Sementara Tiara, sahabat Nika yang satu ini, selalu ceria dan penuh energi. Andini sering menyebutnya sedikit centil, tapi Tiara bukan centil yang berlebihan. Sifatnya yang sangat girly itu membuat Nika dan Andini merasa sangat nyaman di sekitarnya.

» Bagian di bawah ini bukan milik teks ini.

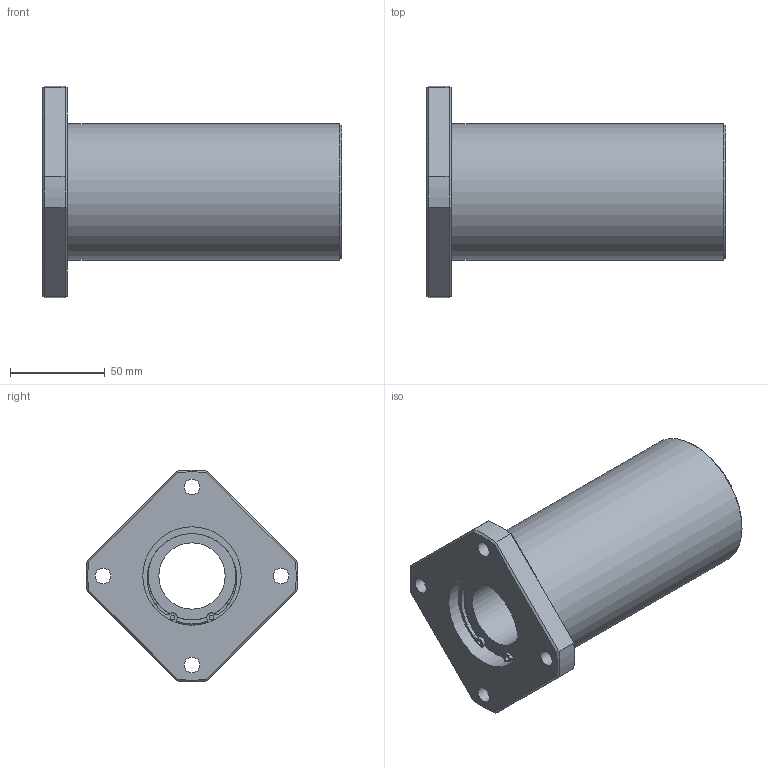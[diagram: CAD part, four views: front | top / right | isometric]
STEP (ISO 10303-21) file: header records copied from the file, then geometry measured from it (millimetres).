
FILE_DESCRIPTION((''),'2;1');
FILE_NAME('D:\製品 (図面)\カタログ用3D\リニアベアリング関連(改)\STEP形式\LFWK\LFWK35.stp','2010-01-22T15:59:45',('Tsuchiya'),(''),'Autodesk Inventor 10','Autodesk Inventor 10','');
FILE_SCHEMA(('AUTOMOTIVE_DESIGN { 1 0 10303 214 1 1 1 1 }'));
Length unit declared in the file: millimetre
Products named in the file (1): LFWK35
Bounding box: 158 x 111.86 x 111.86 mm (x, y, z)
Volume: 515117.6 mm3; surface area: 78080.8 mm2
Topology: 1 solids, 6 shells, 104 faces, 264 edges, 159 vertices
Faces by surface type: plane 33, bspline 32, cylinder 28, cone 9, torus 2
Full cylindrical faces by diameter (mm): 2.5 x2, 8.376 x4, 35 x1, 46.4 x2, 49 x2, 52 x7, 72 x1
Entity records: 3210 total; most frequent: CARTESIAN_POINT 884, DIRECTION 492, ORIENTED_EDGE 430, AXIS2_PLACEMENT_3D 220, EDGE_CURVE 215, EDGE_LOOP 164, CIRCLE 147, VERTEX_POINT 143

Nika duduk di meja kedua paling belakang, satu bangku dengan Tiara. Sedangkan Andini, seperti biasa, memilih duduk sendirian di meja paling belakang, membuktikan kalau mereka bertiga memang lebih memilih berbicara santai daripada terlalu fokus pada pelajaran akademis meski mereka tetap punya cara belajar masing-masing.

"Gerbang mau ditutup berapa meter lagi, Nik?" sindir Andini dengan nada yang setengah bercanda.

Nika berhenti sejenak, duduk di bangku sebelum menjawab. "Masa gue harus ukur sih, Din?" jawab Nika sambil menyunggingkan senyum.

Andini mengangkat bahu, "Ya, siapa tahu aja lu mau ukur, Nik."

"Masa iya? Kan udah tradisi, Din. Masuk sekolah mepet-mepet," kata Tiara sambil menyenggol Nika, mengingatkan kebiasaan mereka.

"Iya deh, sorry, sorry," jawab Nika sambil terkikik, menyalahkan dirinya sendiri.

Suasana di sekitar mereka masih riuh, sekolah baru memasuki masa orientasi untuk siswa baru, jadi suasana KBM masih belum efektif. Banyak siswa sibuk saling mengenal, dan guru-guru pun terlihat lebih santai.

"Kantin yuk!" ajak Tiara, wajahnya yang cerah menggoda.

"Yuk!" jawab Nika antusias, tidak ingin melewatkan kesempatan makan pagi.

Mereka berjalan santai menuju kantin, melirik lapangan sekolah tempat siswa baru sedang berbaris untuk kegiatan MOS. Nika sempat melirik mereka, teringat masa-masa orientasi dulu.

"Ingatan gue gak pernah salah deh, dulu kita satu gugus, ya nggak?" Tiara berkata sambil melirik Nika dengan sedikit penasaran.

"Of course, Lidah Buaya, ya?" jawab Nika sambil melirik Tiara dengan senyum nakal, ingatan mereka langsung kembali ke masa-masa seru itu.

"Iya deh, gue nggak satu gugus sama kalian. Pahit, deh!" Andini terdengar sedikit kesal, meski cuma bercanda.

"Ya udah, lu kan tetap sahabat kita," kata Tiara sambil merangkul Andini dan Nika dengan hangat.

Sesampainya di kantin, seperti biasa mereka memesan bubur ayam Bang Roy, makanan yang selalu jadi andalan mereka. Kantin pagi itu penuh dengan suara tawa, obrolan antar teman, dan aktivitas siswa yang sibuk memilih makanan. Keadaan sekitar cukup ramai, namun suasananya tetap hangat dan akrab.